OCamlPro / alt-ergo

OCamlPro public development repository for Alt-Ergo
https://alt-ergo.ocamlpro.com/
Other
128 stars 33 forks source link

Improve UF implementation #798

Open bclement-ocp opened 11 months ago

bclement-ocp commented 11 months ago

The Union-Find module is implemented with a mapping from semantic values to their representative. This means that accessing the representative is an O(log n) operation, where n is the number of live semantic values (roughly, number of distinct terms).

Benchmarking a few problems reveals that Alt-Ergo can easily spend 5-10% of its time just looking for representatives, and on long-running problems where we discover many terms, this can get upwards of 20%. Using a more efficient implementation of the Union-Find structure could bring tangible performance benefits: for instance, a properly implemented persistent version of Tarjan's Union-Find data structure would bring down the time to access the representatives to (amortized) O(α(n)) i.e. almost constant time.

(Note that these numbers include both the term → semantic value and semantic value → representative mappings, and are thus slightly inflated — in reality, they are probably closer to 3-8% and 15%. An improved union-find representation would only affect the semantic value → representative mapping, not the term → semantic value mapping.

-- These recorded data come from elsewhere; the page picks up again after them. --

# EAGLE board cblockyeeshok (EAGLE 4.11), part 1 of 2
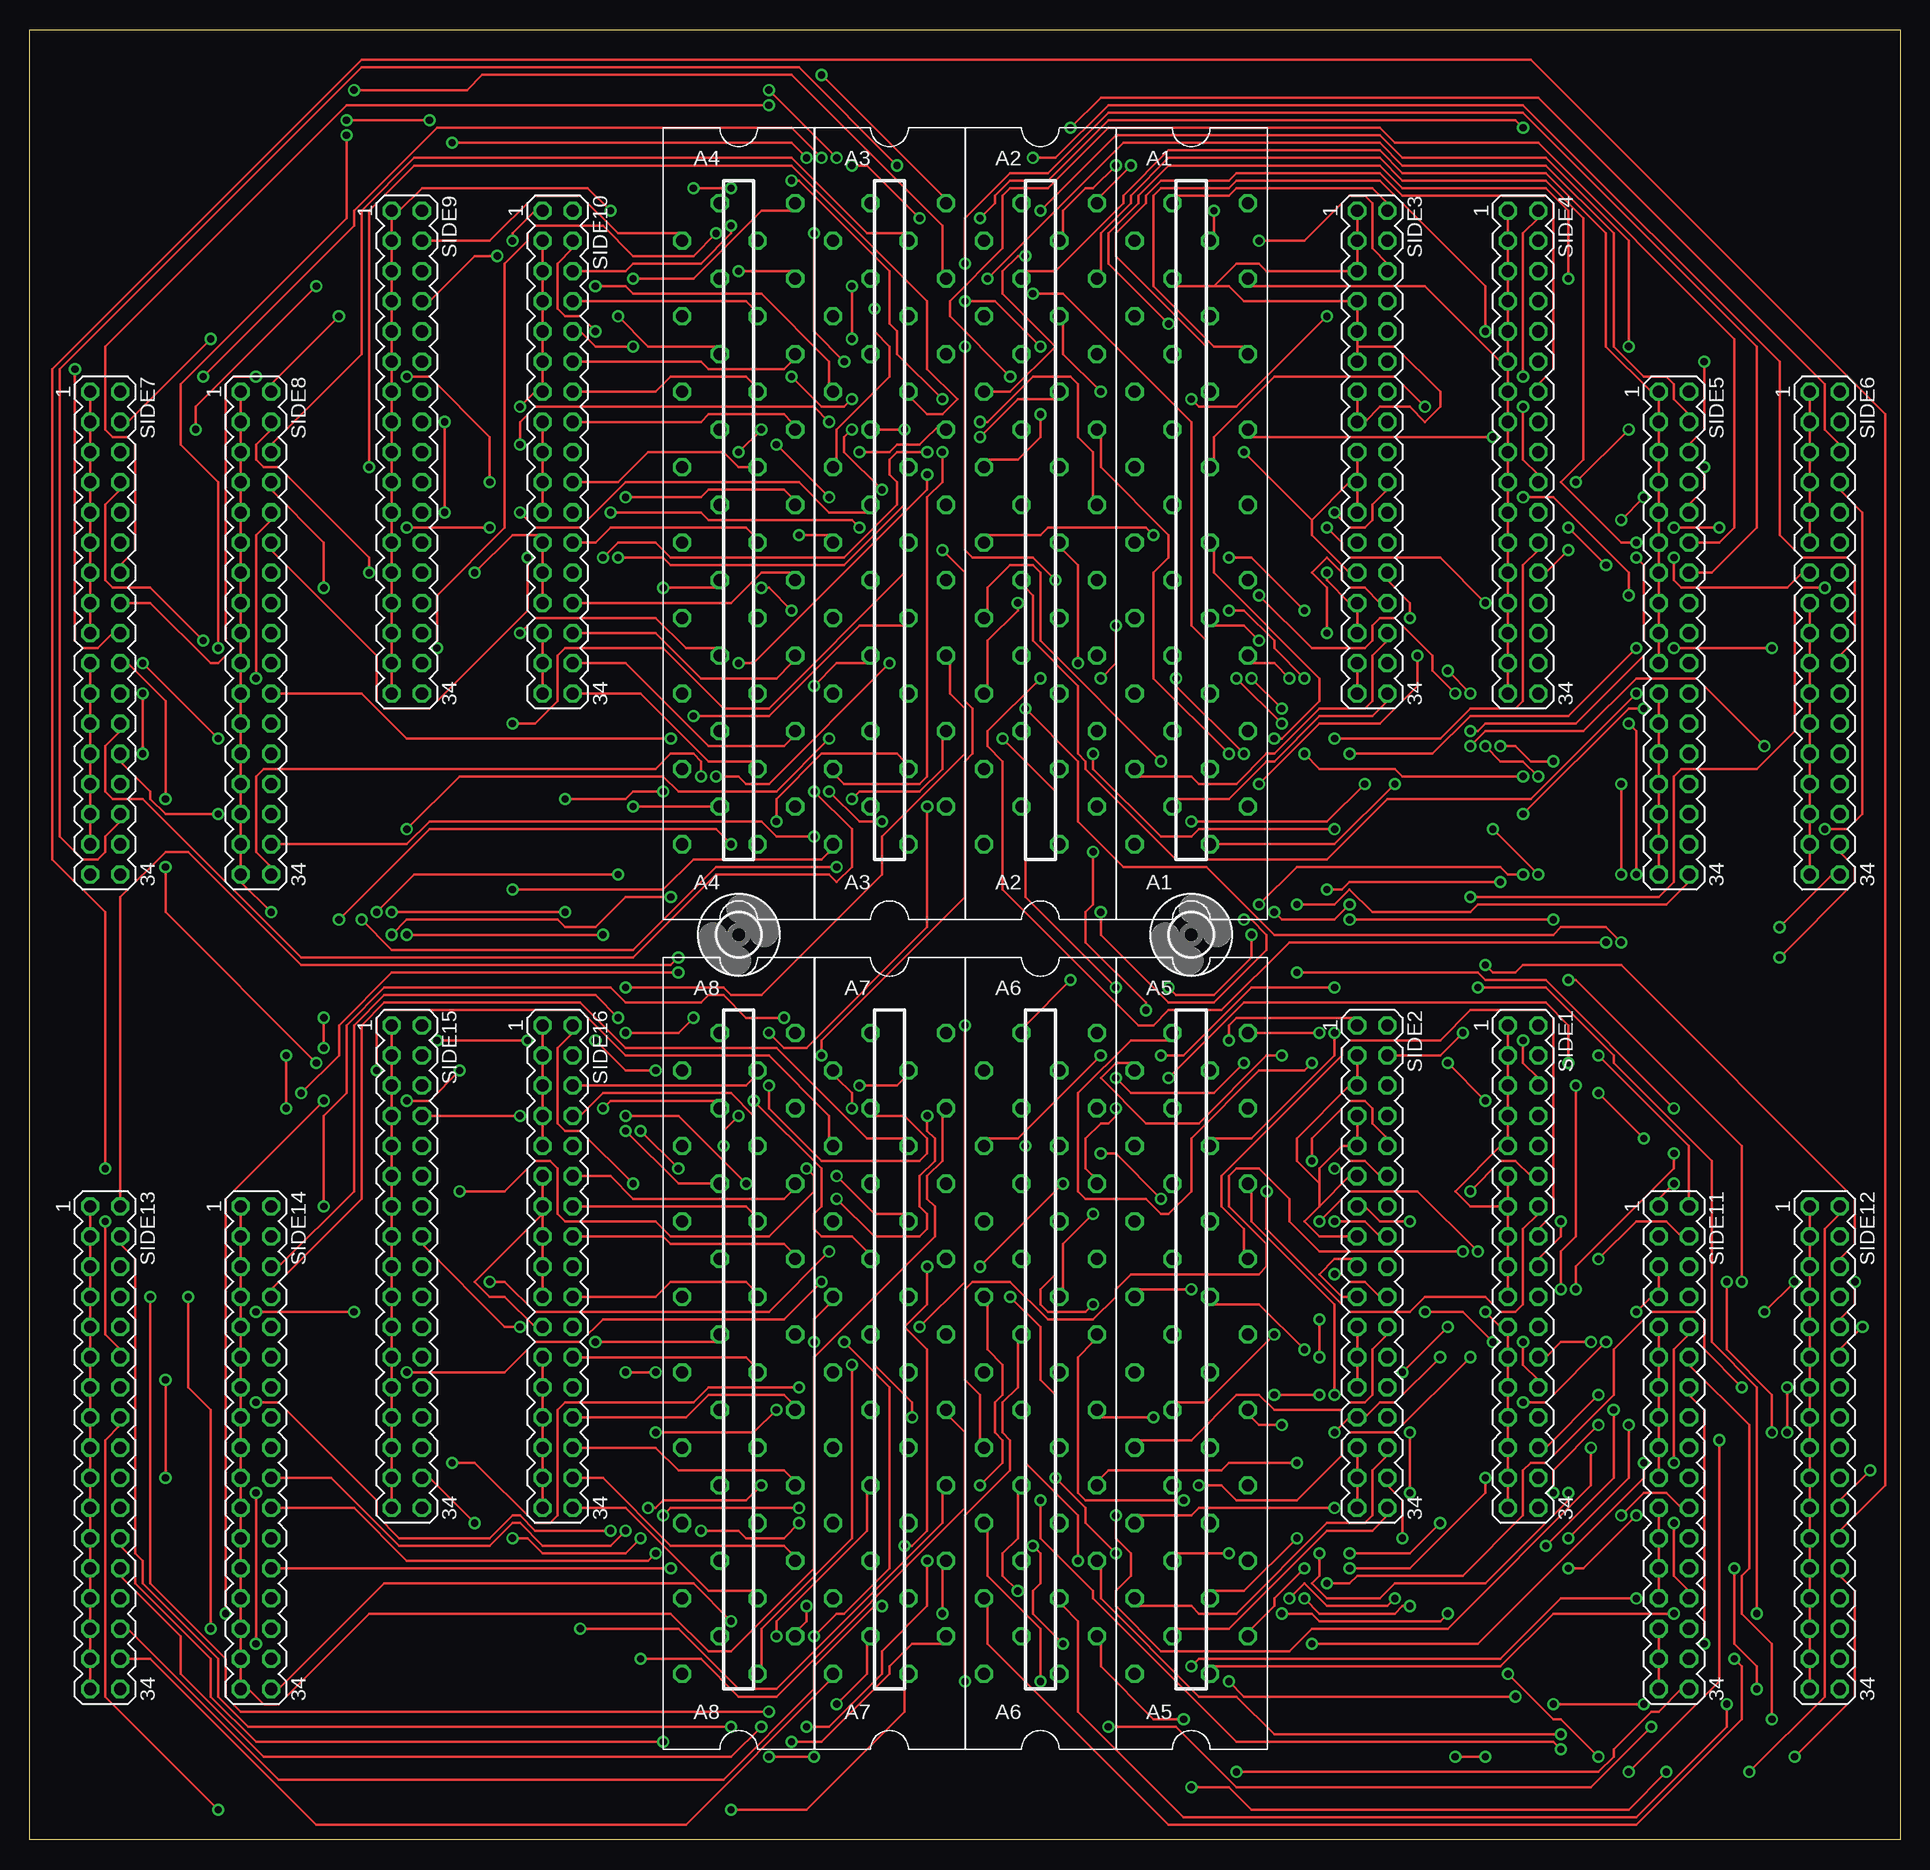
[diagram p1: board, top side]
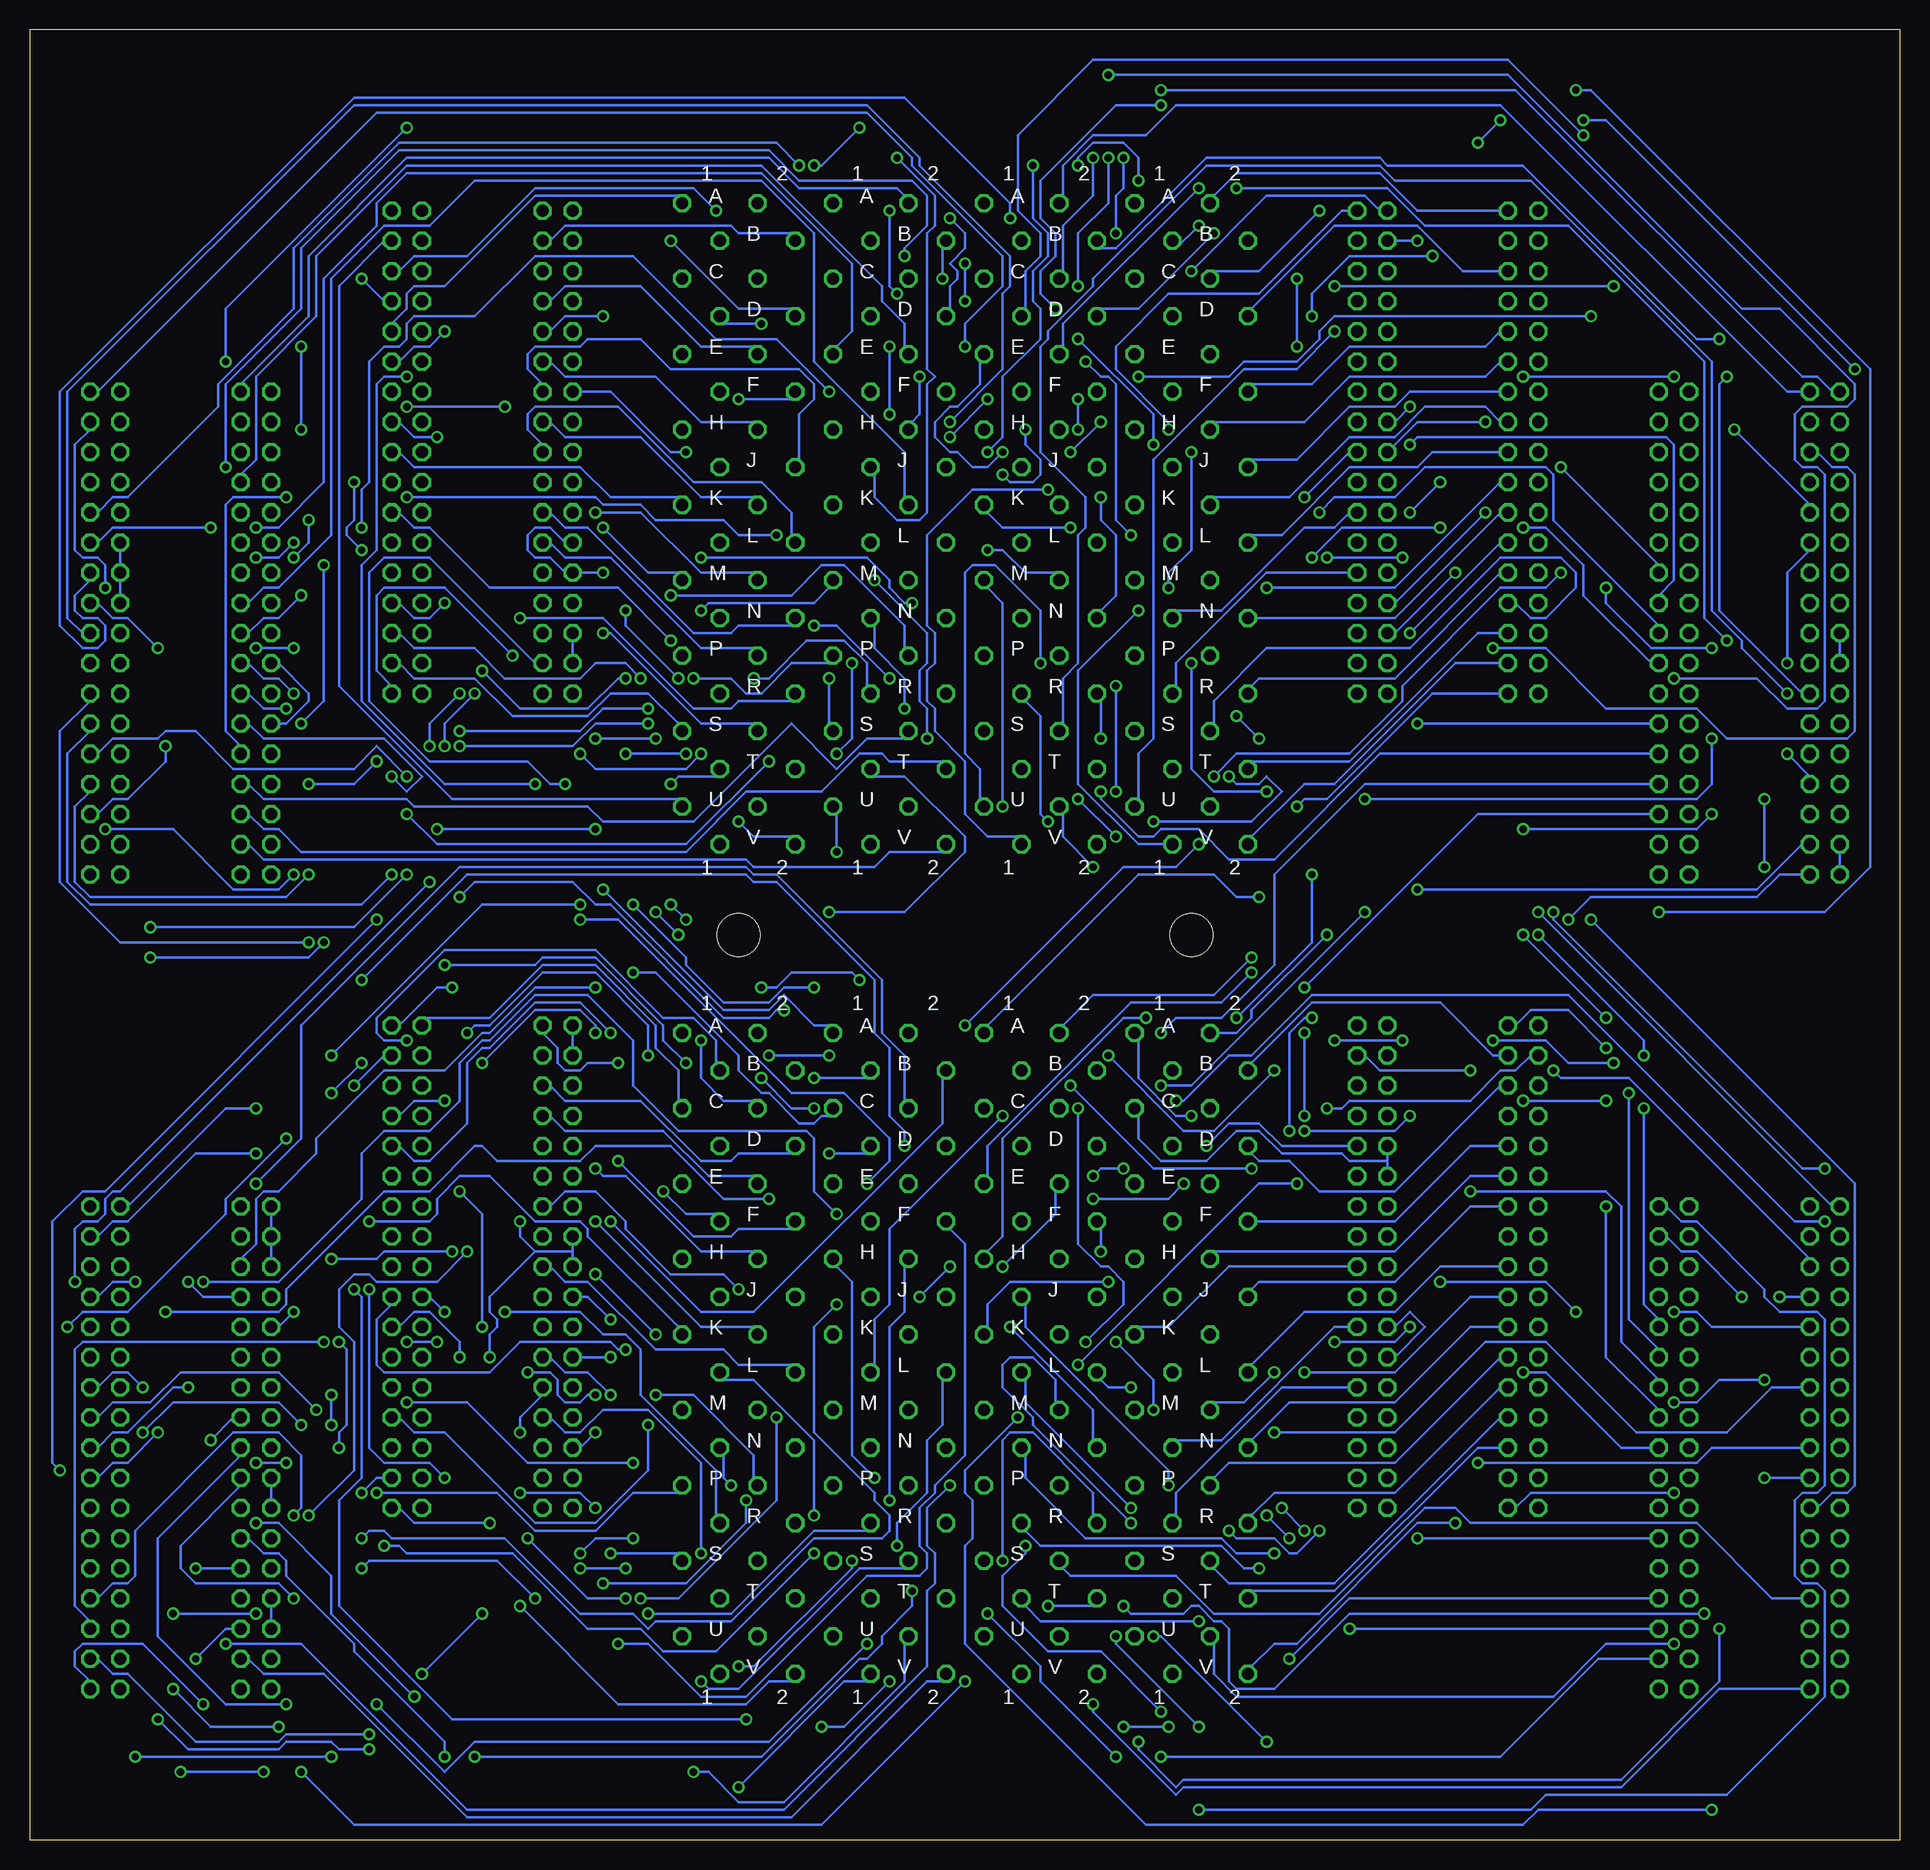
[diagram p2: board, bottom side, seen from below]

Size 157.48 x 152.4 mm. Coordinates in mm from the lower left corner, seen from the top.
Outline: 157.48,0 0,0 0,152.4 157.48,152.4 157.48,0
Copper layers (1*16): Top 0.035mm / dielectric 1.5mm / Bottom 0.035mm
Design rules "olimex8mil": minimum track width 8mil, minimum drill 24mil, track to track 8mil, track to pad 8mil, pad to pad 8mil, via to via 8mil, smd to smd 8mil, copper to edge 40mil, drill to drill 10mil, minimum pad ring 10mil, minimum via ring 8mil, stop-mask expansion 0mil, vias tented up to drill 0mil, thermal gap 10mil
Net classes: 1 Power: width 0.305 mm, drill 0.305 mm

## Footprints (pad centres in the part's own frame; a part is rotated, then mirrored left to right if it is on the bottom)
H807 = drill 1.016 octagon: A1 4.763,28.575; A2 -1.587,28.575; B1 1.587,25.4; B2 -4.763,25.4; C1 4.763,22.225; C2 -1.587,22.225; D1 1.587,19.05; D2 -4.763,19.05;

However, the term → semantic value mapping is independent from the environment (it always maps t to X.make t, and may no longer be needed at all now that we have the global cache on X.make).

After trying such an implementation, there are a few caveats:

bclement-ocp commented 10 months ago

I have spent some more time implementing a better version of this, but hit another blocker. The crux of it is that Alt-Ergo has many copies of the union-find data structure (up to 8 when using Tableaux-CDCL, although at most 5 are used at once), which is mostly not an issue (although it explains some weird behaviors I was seeing), except for one specific use.

This use is gamma_finite in Theory, which is used for case splits. The way Alt-Ergo uses case splits is as follows.

The issue with this approach is the part where we copy gamma into gamma_finite, because this is hard to support efficiently using a persistent store since there are two "versions" that must be in use at the same time.

The other issue with this approach has nothing to do with persistent union-finds: indeed, it means that most of the theory work that Alt-Ergo does is performed twice — once in gamma, and once in gamma_finite, in similar-but-different environments. It would probably make more sense to integrate the value assignments to the SAT trail, rather than keeping these two copies of the environment, making the whole loop closer to mcSAT (although we currently do now produce precise conflict explanations at the level of theories).

This poses the question of when to make boolean decisions vs theory decisions, and another host of subtle points to consider, so this becomes a more complex task than just changing the union-find implementation. There is one "quick fix" which could be to locally replay the choices when performing a case split and which I will investigate if it is acceptable performance-wise on the current code, which would allow to proceed — although in any case moving these decisions towards the SAT in some way seems like a good idea.